Many recruiters relish the chance to schedule intake meetings with hiring managers. After all, it’s an excellent opportunity to sit down to discuss what an ideal candidate profile looks like, as well as each interviewer’s responsibilities before launching a search. But when a hiring deadline is looming, it can be difficult to find the time for this step of the developer hiring process, especially with the competition to hire programmers at a fever pitch.
Considering that Bersin by Deloitte recently found that the biggest indicator of a great recruiter is the ability to build relationships with technical hiring managers, it's easy to see how they can help you hit your tech hiring goals. Here are a few more reasons intake meetings at the beginning of a developer search help set the foundation for long-lasting partnerships with decision makers.

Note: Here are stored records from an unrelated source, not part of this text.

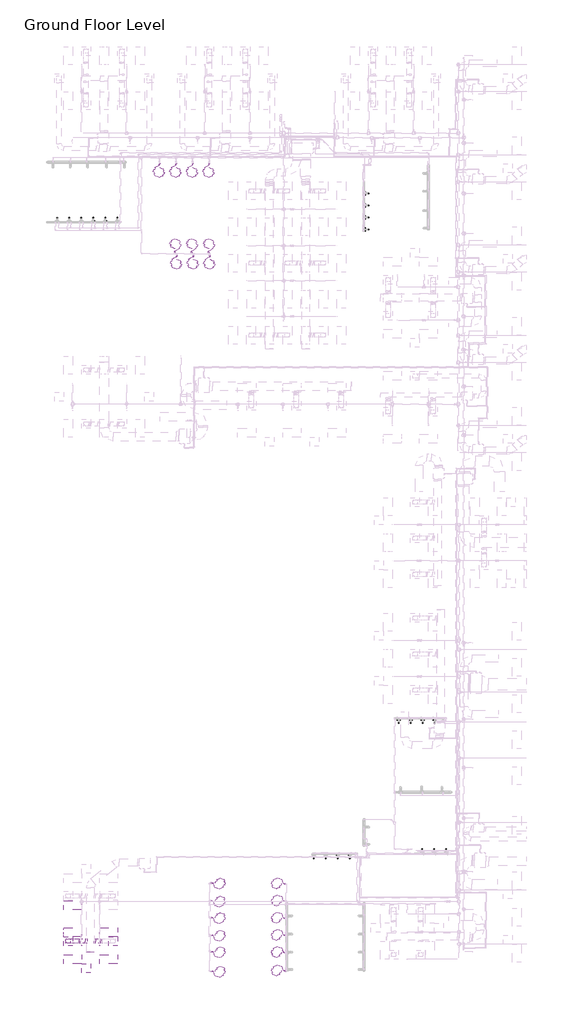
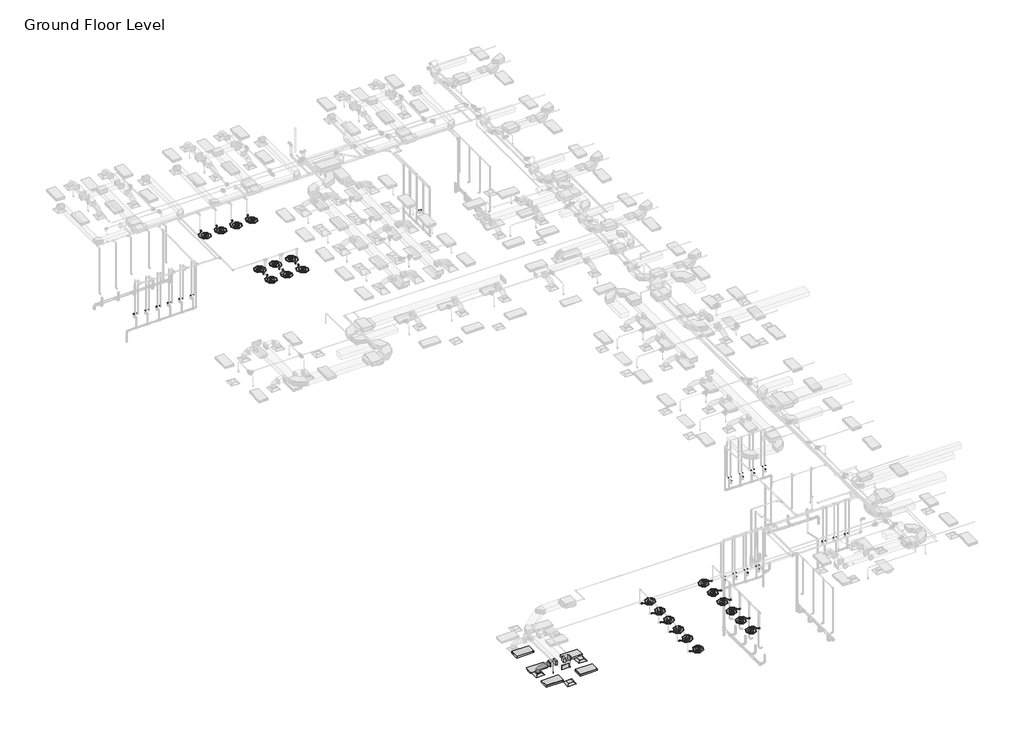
# One storey, part 1 of 74: 43 flow terminals, 6 duct fittings, 5 light fixtures, 3 air terminals, 3 duct segments, 2 fire suppression terminals, 2 pipe segments.
"""IFC4 building model written with IfcOpenShell, lengths in millimetres."""

from ifc_helpers import new_model, si_unit, point, frame, frame_2d, origin, place, context, project, spatial, polyline, circle_curve, ellipse_curve, trimmed, segment, composite_curve, outline, extrude, transform, mapped, element, save
from ifc_brep_helpers import plane_surface, cylinder_surface, advanced_brep
from components import m_return_diffuser_600_x_600_face_300_x_300_connection_ff221211, m_rectangular_endcap_standard_72d4d00d, m_rectangular_takeoff_standard_cb0ccb98, m_rectangular_takeoff_standard_2be5eba1, m_rectangular_to_round_transition_angle_45_degree_641efff0, m_sprinkler_dry_pendent_hosted_15_mm_dry_pendent_9bda8e11, lavatory_unit_m_type_1_c53317d3, shower_m_shower_m_c8aa42c7, m_emergency_recessed_lighting_fixture_600x1200_277_5b10b25d, m_troffer_light_parabolic_rectangular1_0600x1200mm_4_lamp_86473d4a

model = new_model("IFC4")

# Units and contexts
model_context = context("Model", 3, world=origin())
ifc_project = project(units=[si_unit("LENGTHUNIT", "METRE", prefix="MILLI")], contexts=[model_context])

# Site, building, storey
site = spatial("IfcSite", under=ifc_project)
building = spatial("IfcBuilding", under=site)
storey = spatial("IfcBuildingStorey", under=building, Name="Ground Floor Level", Elevation=900.0)

# Air terminals
placement = place(None, origin())
m_return_diffuser_600_x_600_face_300_x_300_connection_shape = m_return_diffuser_600_x_600_face_300_x_300_connection_ff221211(model_context)
element("IfcAirTerminal", 1, ObjectType="M_Return Diffuser : 600 x 600 Face 300 x 300 Connection", at=placement, inside=storey, context=model_context, shape_type="MappedRepresentation", body=[
    mapped(m_return_diffuser_600_x_600_face_300_x_300_connection_shape, transform((-19137.2327605, -40464.7846466, 3650.0), x_axis=(1.0, 0.0, 0.0), y_axis=(0.0, 1.0, 0.0), z_axis=(0.0, 0.0, 1.0))),
])
element("IfcAirTerminal", 2, ObjectType="M_Supply Diffuser : 600 x 600 Face 300 x 300 Connection", at=placement, inside=storey, context=model_context, shape_type="MappedRepresentation", body=[
    mapped(m_return_diffuser_600_x_600_face_300_x_300_connection_shape, transform((-20337.2327605, -38664.7846466, 3650.0), x_axis=(1.0, 0.0, 0.0), y_axis=(0.0, 1.0, 0.0), z_axis=(0.0, 0.0, 1.0))),
])
element("IfcAirTerminal", 3, ObjectType="M_Supply Diffuser : 600 x 600 Face 300 x 300 Connection", at=placement, inside=storey, context=model_context, shape_type="MappedRepresentation", body=[
    mapped(m_return_diffuser_600_x_600_face_300_x_300_connection_shape, transform((-17337.2327605, -38674.7846466, 3650.0), x_axis=(1.0, 0.0, 0.0), y_axis=(0.0, 1.0, 0.0), z_axis=(0.0, 0.0, 1.0))),
])

# Duct fittings
m_rectangular_endcap_standard_shape = m_rectangular_endcap_standard_72d4d00d(model_context)
element("IfcDuctFitting", 4, ObjectType="M_Rectangular Endcap : Standard", at=placement, inside=storey, context=model_context, shape_type="MappedRepresentation", body=[
    mapped(m_rectangular_endcap_standard_shape, transform((-18834.0450532, -39368.1580197, 4100.0), x_axis=(0.0, -1.0, 0.0), y_axis=(1.0, 0.0, 0.0), z_axis=(0.0, 0.0, 1.0))),
])
m_rectangular_takeoff_standard_shape = m_rectangular_takeoff_standard_cb0ccb98(model_context)
element("IfcDuctFitting", 5, ObjectType="M_Rectangular Takeoff : Standard", at=placement, inside=storey, context=model_context, shape_type="MappedRepresentation", body=[
    mapped(m_rectangular_takeoff_standard_shape, transform((-18584.0450532, -38664.7846466, 4100.0), x_axis=(1.0, 0.0, 0.0), y_axis=(0.0, -1.0, 0.0), z_axis=(0.0, 0.0, -1.0))),
])
m_rectangular_takeoff_standard_2_shape = m_rectangular_takeoff_standard_2be5eba1(model_context)
element("IfcDuctFitting", 6, ObjectType="M_Rectangular Takeoff : Standard", at=placement, inside=storey, context=model_context, shape_type="MappedRepresentation", body=[
    mapped(m_rectangular_takeoff_standard_2_shape, transform((-19084.0450532, -38664.7846466, 4100.0), x_axis=(-1.0, 0.0, 0.0), y_axis=(0.0, 1.0, 0.0), z_axis=(0.0, 0.0, -1.0))),
])
m_rectangular_to_round_transition_angle_45_degree_shape = m_rectangular_to_round_transition_angle_45_degree_641efff0(model_context)
element("IfcDuctFitting", 7, ObjectType="M_Rectangular to Round Transition - Angle : 45 Degree", at=placement, inside=storey, context=model_context, shape_type="MappedRepresentation", body=[
    mapped(m_rectangular_to_round_transition_angle_45_degree_shape, transform((-18164.5686918, -38664.7846466, 4100.0), x_axis=(1.0, 0.0, 0.0), y_axis=(0.0, 1.0, 0.0), z_axis=(0.0, 0.0, 1.0))),
])
element("IfcDuctFitting", 8, ObjectType="M_Rectangular to Round Transition - Angle : 45 Degree", at=placement, inside=storey, context=model_context, shape_type="MappedRepresentation", body=[
    mapped(m_rectangular_to_round_transition_angle_45_degree_shape, transform((-20337.2327605, -38664.7846466, 3751.6), x_axis=(0.0, 0.0, 1.0), y_axis=(-1.0, 0.0, 0.0), z_axis=(0.0, -1.0, 0.0))),
])
element("IfcDuctFitting", 9, ObjectType="M_Rectangular to Round Transition - Angle : 45 Degree", at=placement, inside=storey, context=model_context, shape_type="MappedRepresentation", body=[
    mapped(m_rectangular_to_round_transition_angle_45_degree_shape, transform((-19509.8968292, -38664.7846466, 4100.0), x_axis=(-1.0, 0.0, 0.0), y_axis=(0.0, -1.0, 0.0), z_axis=(0.0, 0.0, 1.0))),
])

# Duct segments
element("IfcDuctSegment", 10, ObjectType="Flex - Round", at=placement, inside=storey, context=model_context, shape_type="AdvancedBrep", body=[
    advanced_brep(
    [(-20187.2327605, -38664.7846466, 3826.6), (-20337.2327605, -38814.7846466, 3826.6), (-20487.2327605, -38664.7846466, 3826.6), (-20337.2327605, -38514.7846466, 3826.6), (-20187.2327605, -38664.7846466, 3832.2944892), (-20337.2327605, -38814.7846466, 3857.9377114), (-20487.2327605, -38664.7846466, 3883.5809337), (-20337.2327605, -38514.7846466, 3857.9377114), (-20186.478849, -38664.7846466, 3834.435049), (-20320.216828, -38814.7846466, 3906.2505728), (-20453.9548069, -38664.7846466, 3978.0660967), (-20320.216828, -38514.7846466, 3906.2505728), (-20168.8270484, -38664.7846466, 3857.8020236), (-20273.0329476, -38814.7846466, 3968.7113131), (-20377.2388469, -38664.7846466, 4079.6206026), (-20273.0329476, -38514.7846466, 3968.7113131), (-20132.5429398, -38664.7846466, 3881.8163788), (-20201.4769955, -38814.7846466, 4016.0700639), (-20270.4110511, -38664.7846466, 4150.3237489), (-20201.4769955, -38514.7846466, 4016.0700639), (-20067.7840843, -38664.7846466, 3906.4925606), (-20111.3448475, -38814.7846466, 4050.4146682), (-20154.9056106, -38664.7846466, 4194.3367758), (-20111.3448475, -38514.7846466, 4050.4146682), (-19981.8714556, -38664.7846466, 3926.0424542), (-20008.4323796, -38814.7846466, 4073.8329691), (-20034.9933036, -38664.7846466, 4221.6234841), (-20008.4323796, -38514.7846466, 4073.8329691), (-19883.3845655, -38664.7846466, 3939.1085462), (-19898.5354679, -38814.7846466, 4088.4128097), (-19913.6863702, -38664.7846466, 4237.7170733), (-19898.5354679, -38514.7846466, 4088.4128097), (-19779.9446601, -38664.7846466, 3946.398915), (-19787.4499883, -38814.7846466, 4096.242033), (-19794.9553164, -38664.7846466, 4246.085151), (-19787.4499883, -38514.7846466, 4096.242033), (-19678.2803236, -38664.7846466, 3949.4222102), (-19680.9718167, -38814.7846466, 4099.4084821), (-19683.6633098, -38664.7846466, 4249.394754), (-19680.9718167, -38514.7846466, 4099.4084821), (-19583.9733214, -38664.7846466, 3950.0028429), (-19584.8968292, -38814.7846466, 4100.0), (-19585.8203371, -38664.7846466, 4249.9971571), (-19584.8968292, -38514.7846466, 4100.0)],
    [
        (0, 1, circle_curve(frame((-20337.2327605, -38664.7846466, 3826.6), z_axis=(0.0, 0.0, -1.0), x_axis=(1.0, 0.0, 0.0)), 150.0)),
        (1, 2, circle_curve(frame((-20337.2327605, -38664.7846466, 3826.6), z_axis=(0.0, 0.0, -1.0), x_axis=(1.0, 0.0, 0.0)), 150.0)),
        (2, 3, circle_curve(frame((-20337.2327605, -38664.7846466, 3826.6), z_axis=(0.0, 0.0, -1.0), x_axis=(1.0, 0.0, 0.0)), 150.0)),
        (3, 0, circle_curve(frame((-20337.2327605, -38664.7846466, 3826.6), z_axis=(0.0, 0.0, -1.0), x_axis=(1.0, 0.0, 0.0)), 150.0)),
        (0, 4),
        (4, 5, ellipse_curve(frame((-20337.2327605, -38664.7846466, 3857.9377114), z_axis=(-0.16851014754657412, 0.0, -0.9856999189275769), x_axis=(0.9856999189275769, 0.0, -0.16851014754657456)), 152.176131, 150.0)),
        (5, 1),
        (5, 6, ellipse_curve(frame((-20337.2327605, -38664.7846466, 3857.9377114), z_axis=(-0.16851014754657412, 0.0, -0.9856999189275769), x_axis=(0.9856999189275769, 0.0, -0.16851014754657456)), 152.176131, 150.0)),
        (6, 2),
        (6, 7, ellipse_curve(frame((-20337.2327605, -38664.7846466, 3857.9377114), z_axis=(-0.16851014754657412, 0.0, -0.9856999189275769), x_axis=(0.9856999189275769, 0.0, -0.16851014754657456)), 152.176131, 150.0)),
        (7, 3),
        (7, 4, ellipse_curve(frame((-20337.2327605, -38664.7846466, 3857.9377114), z_axis=(-0.16851014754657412, 0.0, -0.9856999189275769), x_axis=(0.9856999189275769, 0.0, -0.16851014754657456)), 152.176131, 150.0)),
        (4, 8),
        (8, 9, ellipse_curve(frame((-20320.216828, -38664.7846466, 3906.2505728), z_axis=(-0.47309225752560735, 0.0, -0.881012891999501), x_axis=(0.8810128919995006, 0.0, -0.4730922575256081)), 151.8002519, 150.0)),
        (9, 5),
        (9, 10, ellipse_curve(frame((-20320.216828, -38664.7846466, 3906.2505728), z_axis=(-0.47309225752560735, 0.0, -0.881012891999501), x_axis=(0.8810128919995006, 0.0, -0.4730922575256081)), 151.8002519, 150.0)),
        (10, 6),
        (10, 11, ellipse_curve(frame((-20320.216828, -38664.7846466, 3906.2505728), z_axis=(-0.47309225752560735, 0.0, -0.881012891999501), x_axis=(0.8810128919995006, 0.0, -0.4730922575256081)), 151.8002519, 150.0)),
        (11, 7),
        (11, 8, ellipse_curve(frame((-20320.216828, -38664.7846466, 3906.2505728), z_axis=(-0.47309225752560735, 0.0, -0.881012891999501), x_axis=(0.8810128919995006, 0.0, -0.4730922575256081)), 151.8002519, 150.0)),
        (8, 12),
        (12, 13, ellipse_curve(frame((-20273.0329476, -38664.7846466, 3968.7113131), z_axis=(-0.728787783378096, 0.0, -0.6847396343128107), x_axis=(0.6847396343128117, 0.0, -0.7287877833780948)), 152.1832446, 150.0)),
        (13, 9),
        (13, 14, ellipse_curve(frame((-20273.0329476, -38664.7846466, 3968.7113131), z_axis=(-0.728787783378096, 0.0, -0.6847396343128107), x_axis=(0.6847396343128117, 0.0, -0.7287877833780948)), 152.1832446, 150.0)),
        (14, 10),
        (14, 15, ellipse_curve(frame((-20273.0329476, -38664.7846466, 3968.7113131), z_axis=(-0.728787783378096, 0.0, -0.6847396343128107), x_axis=(0.6847396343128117, 0.0, -0.7287877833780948)), 152.1832446, 150.0)),
        (15, 11),
        (15, 12, ellipse_curve(frame((-20273.0329476, -38664.7846466, 3968.7113131), z_axis=(-0.728787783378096, 0.0, -0.6847396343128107), x_axis=(0.6847396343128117, 0.0, -0.7287877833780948)), 152.1832446, 150.0)),
        (12, 16),
        (16, 17, ellipse_curve(frame((-20201.4769955, -38664.7846466, 4016.0700639), z_axis=(-0.8895859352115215, 0.0, -0.4567678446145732), x_axis=(0.45676784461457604, 0.0, -0.88958593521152)), 150.91705, 150.0)),
        (17, 13),
        (17, 18, ellipse_curve(frame((-20201.4769955, -38664.7846466, 4016.0700639), z_axis=(-0.8895859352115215, 0.0, -0.4567678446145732), x_axis=(0.45676784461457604, 0.0, -0.88958593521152)), 150.91705, 150.0)),
        (18, 14),
        (18, 19, ellipse_curve(frame((-20201.4769955, -38664.7846466, 4016.0700639), z_axis=(-0.8895859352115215, 0.0, -0.4567678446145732), x_axis=(0.45676784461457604, 0.0, -0.88958593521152)), 150.91705, 150.0)),
        (19, 15),
        (19, 16, ellipse_curve(frame((-20201.4769955, -38664.7846466, 4016.0700639), z_axis=(-0.8895859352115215, 0.0, -0.4567678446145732), x_axis=(0.45676784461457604, 0.0, -0.88958593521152)), 150.91705, 150.0)),
        (16, 20),
        (20, 21, ellipse_curve(frame((-20111.3448475, -38664.7846466, 4050.4146682), z_axis=(-0.9571203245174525, 0.0, -0.2896906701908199), x_axis=(0.28969067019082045, 0.0, -0.9571203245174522)), 150.369921, 150.0)),
        (21, 17),
        (21, 22, ellipse_curve(frame((-20111.3448475, -38664.7846466, 4050.4146682), z_axis=(-0.9571203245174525, 0.0, -0.2896906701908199), x_axis=(0.28969067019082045, 0.0, -0.9571203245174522)), 150.369921, 150.0)),
        (22, 18),
        (22, 23, ellipse_curve(frame((-20111.3448475, -38664.7846466, 4050.4146682), z_axis=(-0.9571203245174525, 0.0, -0.2896906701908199), x_axis=(0.28969067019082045, 0.0, -0.9571203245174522)), 150.369921, 150.0)),
        (23, 19),
        (23, 20, ellipse_curve(frame((-20111.3448475, -38664.7846466, 4050.4146682), z_axis=(-0.9571203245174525, 0.0, -0.2896906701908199), x_axis=(0.28969067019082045, 0.0, -0.9571203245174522)), 150.369921, 150.0)),
        (20, 24),
        (24, 25, ellipse_curve(frame((-20008.4323796, -38664.7846466, 4073.8329691), z_axis=(-0.9842313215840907, 0.0, -0.17688613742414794), x_axis=(0.17688613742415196, 0.0, -0.9842313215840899)), 150.1583131, 150.0)),
        (25, 21),
        (25, 26, ellipse_curve(frame((-20008.4323796, -38664.7846466, 4073.8329691), z_axis=(-0.9842313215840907, 0.0, -0.17688613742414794), x_axis=(0.17688613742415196, 0.0, -0.9842313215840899)), 150.1583131, 150.0)),
        (26, 22),
        (26, 27, ellipse_curve(frame((-20008.4323796, -38664.7846466, 4073.8329691), z_axis=(-0.9842313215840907, 0.0, -0.17688613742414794), x_axis=(0.17688613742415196, 0.0, -0.9842313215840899)), 150.1583131, 150.0)),
        (27, 23),
        (27, 24, ellipse_curve(frame((-20008.4323796, -38664.7846466, 4073.8329691), z_axis=(-0.9842313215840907, 0.0, -0.17688613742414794), x_axis=(0.17688613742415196, 0.0, -0.9842313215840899)), 150.1583131, 150.0)),
        (24, 28),
        (28, 29, ellipse_curve(frame((-19898.5354679, -38664.7846466, 4088.4128097), z_axis=(-0.9948906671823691, 0.0, -0.1009582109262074), x_axis=(0.10095821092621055, 0.0, -0.9948906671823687)), 150.0710264, 150.0)),
        (29, 25),
        (29, 30, ellipse_curve(frame((-19898.5354679, -38664.7846466, 4088.4128097), z_axis=(-0.9948906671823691, 0.0, -0.1009582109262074), x_axis=(0.10095821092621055, 0.0, -0.9948906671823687)), 150.0710264, 150.0)),
        (30, 26),
        (30, 31, ellipse_curve(frame((-19898.5354679, -38664.7846466, 4088.4128097), z_axis=(-0.9948906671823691, 0.0, -0.1009582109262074), x_axis=(0.10095821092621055, 0.0, -0.9948906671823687)), 150.0710264, 150.0)),
        (31, 27),
        (31, 28, ellipse_curve(frame((-19898.5354679, -38664.7846466, 4088.4128097), z_axis=(-0.9948906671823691, 0.0, -0.1009582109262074), x_axis=(0.10095821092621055, 0.0, -0.9948906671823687)), 150.0710264, 150.0)),
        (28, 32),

You need a basic understanding of the skills required for each of your developer roles and the impact it will have on the entire team. But your hiring managers have responsibilities outside of recruiting, so it can be difficult to find time with them to get answers to your questions. Even if you have a basic understanding of the role, intake meetings give the decision maker an opportunity to describe the ideal developer for the job.
Let’s say your company needs to a mobile app developer with both iPhone and Android experience. And let’s also assume that your app is currently an iPhone exclusive. Without intake meetings, you run the risk of sourcing candidates who have only built iPhone apps. That might seem like a minor detail to you, but to a colleague you’re trying to build trust with, it’s incredibly important to have all of this documented before you start sourcing developers.
While the intake meeting is an excellent opportunity to pick your engineering manager’s brain about a role, it shouldn’t enable them to bark orders at you. But in many cases, this is the impression many recruiters have about intake meetings. However, leading organized and efficient intake meetings should show your hiring managers that you’ve done your homework and can be trusted with the search for tech talent.
Take this session as an opportunity to set expectations for everyone participating in the interview process. For you, that might mean scheduling regularly scheduled resume reviews with the entire tech team. On the other hand, hiring managers should be able to commit to certain timeframes for technical interviews and follow up after interviewing developers in a timely fashion.
You should meet with hiring managers before launching any role, even if you’ve worked with them in the past. But over time, you’ll pick up on each person’s quirks. One manager might prefer weekly updates on your talent pipeline. Another might not want to hear from you until you’ve scheduled a candidate for an interview. Eventually, you’ll learn enough about each of your hiring managers that you won’t have to use your intake meeting to discuss communication preferences—and you’ll be able to focus more of your energy on talent sourcing.